**Dataset records**
■ ■ ■

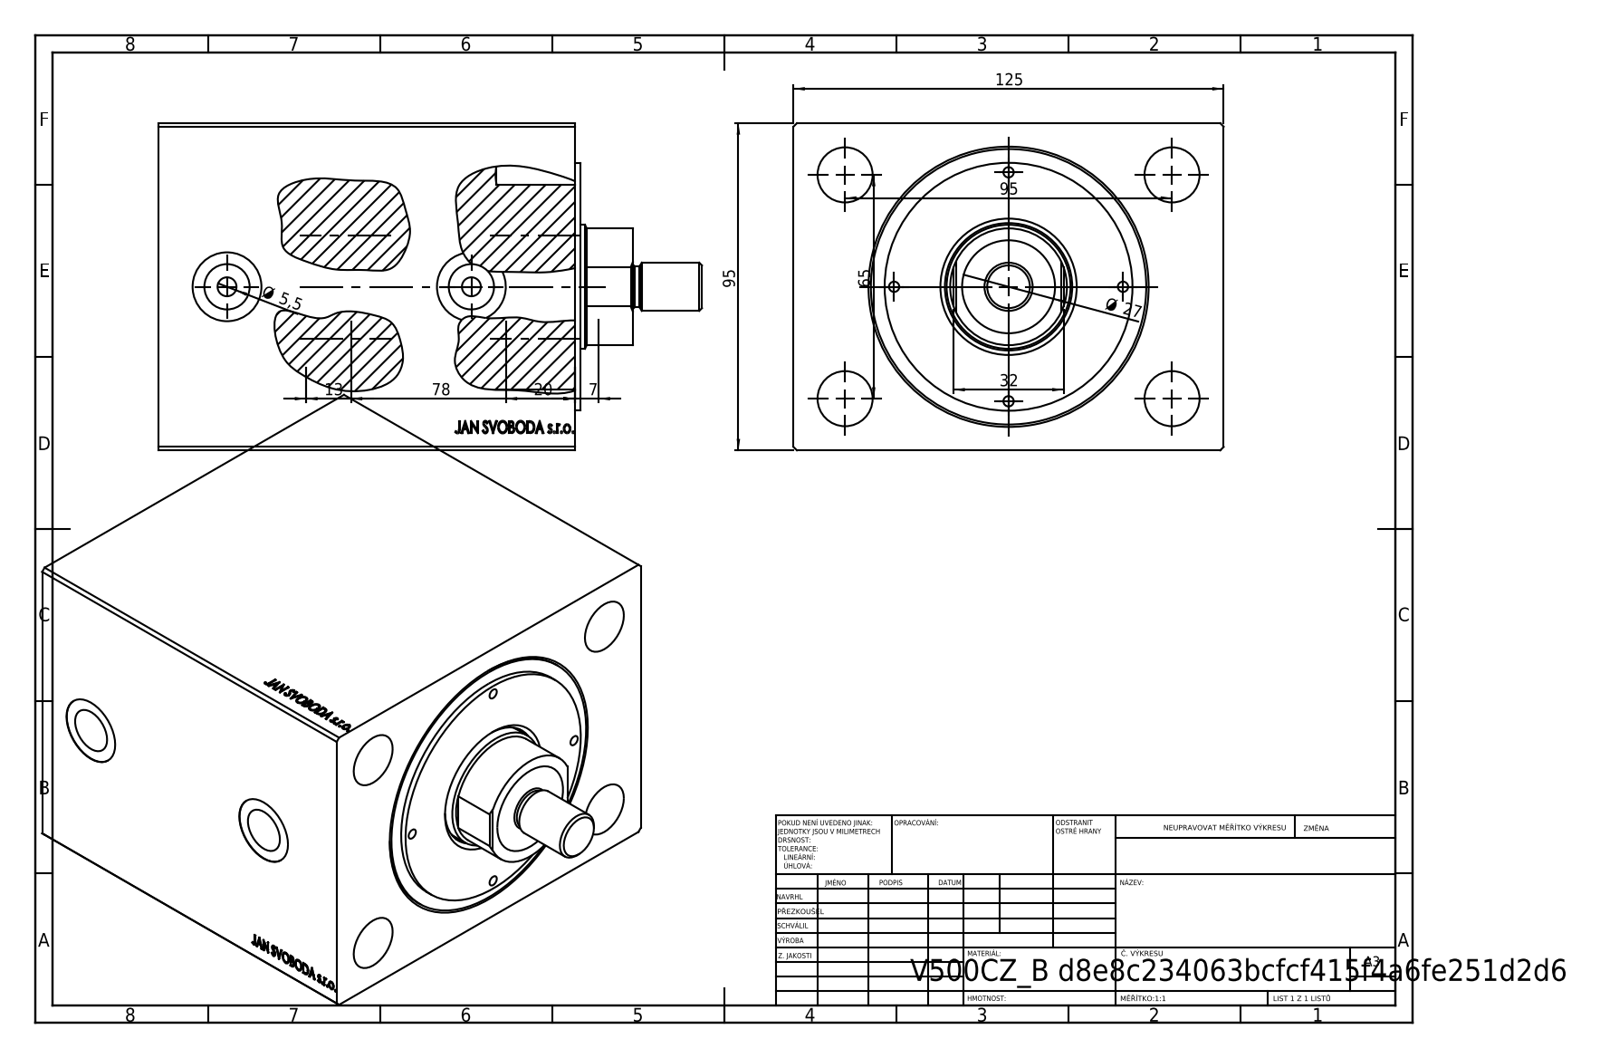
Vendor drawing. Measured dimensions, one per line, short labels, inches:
name: V500CZ_FM; V500CZ; V500CZ_vnitrni_cast_vysunovaci
written by: SolidWorks 2019 (CONFIG_CONTROL_DESIGN)
unit: in
bodies: 4 solids, 884 faces (403 planar, 63 cylindrical, 418 other)
size: 6.22 × 4.921 × 3.74
volume: 81.89 in³; area: 207.1 in²
holes: 4× ⌀0.118, 4× ⌀0.63, 2× ⌀0.217, 2× ⌀0.518, 2× ⌀0.787, 1× ⌀1.063, 1× ⌀1.417, 1× ⌀1.457, 1× ⌀2.48, 1× ⌀3.15
bosses: 1× ⌀2.835, 1× ⌀0.551, 1× ⌀0.472
rounds: 1× R0.668
face distances: 3.74, 4.921, 4.764, 2.559, 2.205, 0.394, 2.165, 4.37, 0.071, 0.465
hole spacings: 1.309, 1.397, 1.851, 1.87, 2.266, 3.193, 3.427, 2.559
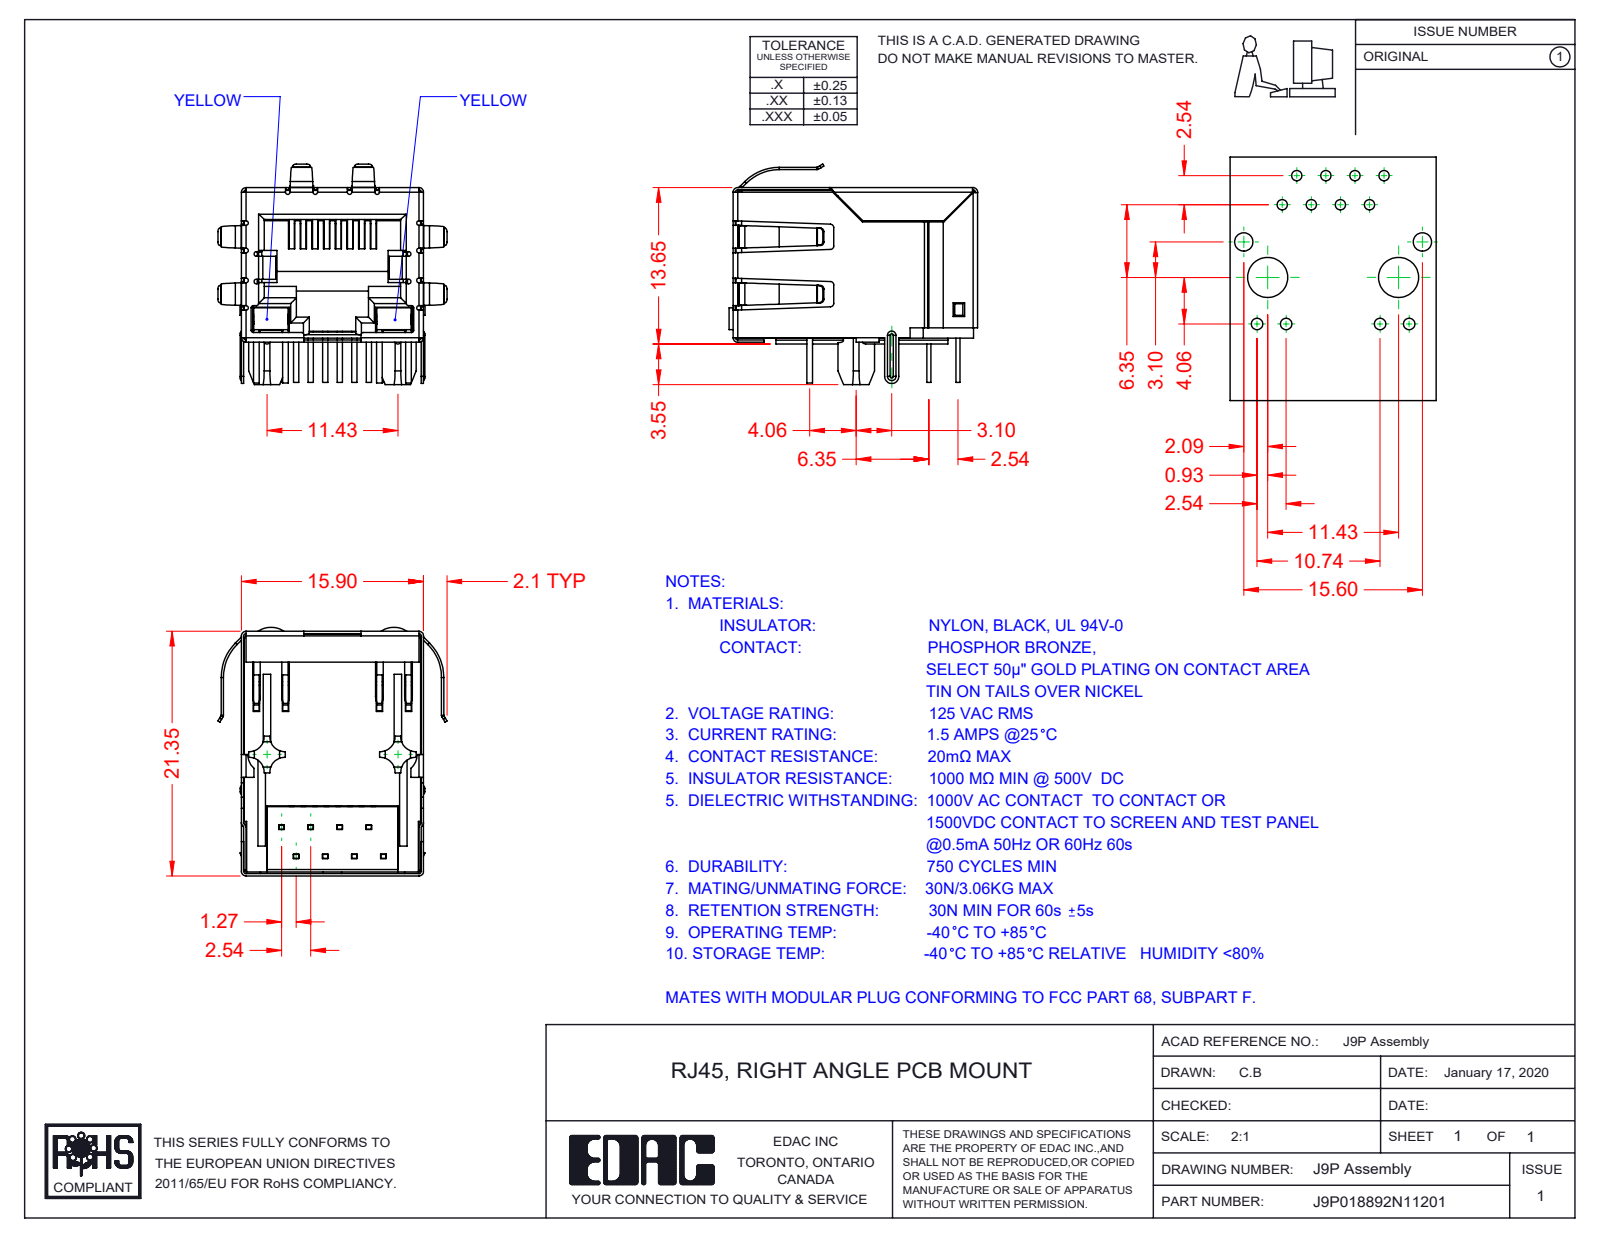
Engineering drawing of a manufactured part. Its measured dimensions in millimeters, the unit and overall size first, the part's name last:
Units: millimetres
Overall size (bounding box): 21.7 × 20 × 19.25
Partial cylindrical surfaces — rounded edges, fillets, slot ends (radius × count): R0.2 ×39, R0.5 ×22, R0.3 ×20, R0.4 ×16, R1.3 ×8, R0.23 ×5, R0.11 ×4, R0.31 ×4
Main face-to-face distances: 15.45, 15.7, 15.65, 0.35, 0.54, 15.5, 12.36, 0.6, 1.4, 0.59
Volume: 2 687 mm³ · Surface area: 7 515 mm²
Bodies: 13 solids, 1472 faces (1042 planar, 336 cylindrical, 94 other)
Part name (STEP PRODUCT): 9P-LED Contact Lock; 9P-LED Insulator; J9P018892N11202; 9P-LED Assembly (+4 more)
STEP written by: SolidWorks 2016 (CONFIG_CONTROL_DESIGN)

■ ■ ■

**THE TASK**
Please reproduce every record exactly, leaving the pictures out.

**SOLVED EXERCISE**
Vendor drawing. Measured dimensions, one per line, short labels, inches:
name: V500CZ_FM; V500CZ; V500CZ_vnitrni_cast_vysunovaci
written by: SolidWorks 2019 (CONFIG_CONTROL_DESIGN)
unit: in
bodies: 4 solids, 884 faces (403 planar, 63 cylindrical, 418 other)
size: 6.22 × 4.921 × 3.74
volume: 81.89 in³; area: 207.1 in²
holes: 4× ⌀0.118, 4× ⌀0.63, 2× ⌀0.217, 2× ⌀0.518, 2× ⌀0.787, 1× ⌀1.063, 1× ⌀1.417, 1× ⌀1.457, 1× ⌀2.48, 1× ⌀3.15
bosses: 1× ⌀2.835, 1× ⌀0.551, 1× ⌀0.472
rounds: 1× R0.668
face distances: 3.74, 4.921, 4.764, 2.559, 2.205, 0.394, 2.165, 4.37, 0.071, 0.465
hole spacings: 1.309, 1.397, 1.851, 1.87, 2.266, 3.193, 3.427, 2.559
Engineering drawing of a manufactured part. Its measured dimensions in millimeters, the unit and overall size first, the part's name last:
Units: millimetres
Overall size (bounding box): 21.7 × 20 × 19.25
Partial cylindrical surfaces — rounded edges, fillets, slot ends (radius × count): R0.2 ×39, R0.5 ×22, R0.3 ×20, R0.4 ×16, R1.3 ×8, R0.23 ×5, R0.11 ×4, R0.31 ×4
Main face-to-face distances: 15.45, 15.7, 15.65, 0.35, 0.54, 15.5, 12.36, 0.6, 1.4, 0.59
Volume: 2 687 mm³ · Surface area: 7 515 mm²
Bodies: 13 solids, 1472 faces (1042 planar, 336 cylindrical, 94 other)
Part name (STEP PRODUCT): 9P-LED Contact Lock; 9P-LED Insulator; J9P018892N11202; 9P-LED Assembly (+4 more)
STEP written by: SolidWorks 2016 (CONFIG_CONTROL_DESIGN)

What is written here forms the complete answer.